▸ Work instructions:
Starting at the top of the records, output every line through the one that contains "[picture p0: preview stored in the file]", keeping each exactly as it appears.

BEGIN Given records

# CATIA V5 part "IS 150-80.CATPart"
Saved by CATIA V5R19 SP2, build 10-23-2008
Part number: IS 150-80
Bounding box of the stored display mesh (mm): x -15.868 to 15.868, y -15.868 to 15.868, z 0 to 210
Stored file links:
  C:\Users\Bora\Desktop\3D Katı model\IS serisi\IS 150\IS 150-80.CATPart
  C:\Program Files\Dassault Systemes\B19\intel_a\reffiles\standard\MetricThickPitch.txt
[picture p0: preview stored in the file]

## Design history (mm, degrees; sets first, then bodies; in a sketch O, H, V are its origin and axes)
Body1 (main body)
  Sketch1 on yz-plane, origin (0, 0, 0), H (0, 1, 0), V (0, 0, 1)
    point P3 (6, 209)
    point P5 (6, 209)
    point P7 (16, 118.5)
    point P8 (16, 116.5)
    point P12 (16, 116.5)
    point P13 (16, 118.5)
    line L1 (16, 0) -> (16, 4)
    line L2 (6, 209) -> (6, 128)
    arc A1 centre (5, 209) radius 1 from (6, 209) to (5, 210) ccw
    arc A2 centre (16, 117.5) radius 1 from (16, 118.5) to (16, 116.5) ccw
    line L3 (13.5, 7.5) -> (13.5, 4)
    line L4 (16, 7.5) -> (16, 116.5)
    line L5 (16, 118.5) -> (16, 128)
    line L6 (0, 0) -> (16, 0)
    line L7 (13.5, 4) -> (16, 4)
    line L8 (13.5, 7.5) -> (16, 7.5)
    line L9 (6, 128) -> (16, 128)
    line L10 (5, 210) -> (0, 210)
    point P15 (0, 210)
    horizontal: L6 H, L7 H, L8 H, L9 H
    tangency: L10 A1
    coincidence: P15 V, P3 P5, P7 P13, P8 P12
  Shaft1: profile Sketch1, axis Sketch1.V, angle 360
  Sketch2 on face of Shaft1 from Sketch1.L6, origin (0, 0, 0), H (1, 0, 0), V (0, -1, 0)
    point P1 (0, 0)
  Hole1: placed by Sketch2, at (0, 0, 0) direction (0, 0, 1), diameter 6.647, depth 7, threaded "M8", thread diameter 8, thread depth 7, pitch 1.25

END Given records

▸ Exercise result:
# CATIA V5 part "IS 150-80.CATPart"
Saved by CATIA V5R19 SP2, build 10-23-2008
Part number: IS 150-80
Bounding box of the stored display mesh (mm): x -15.868 to 15.868, y -15.868 to 15.868, z 0 to 210
Stored file links:
  C:\Users\Bora\Desktop\3D Katı model\IS serisi\IS 150\IS 150-80.CATPart
  C:\Program Files\Dassault Systemes\B19\intel_a\reffiles\standard\MetricThickPitch.txt
[picture p0: preview stored in the file]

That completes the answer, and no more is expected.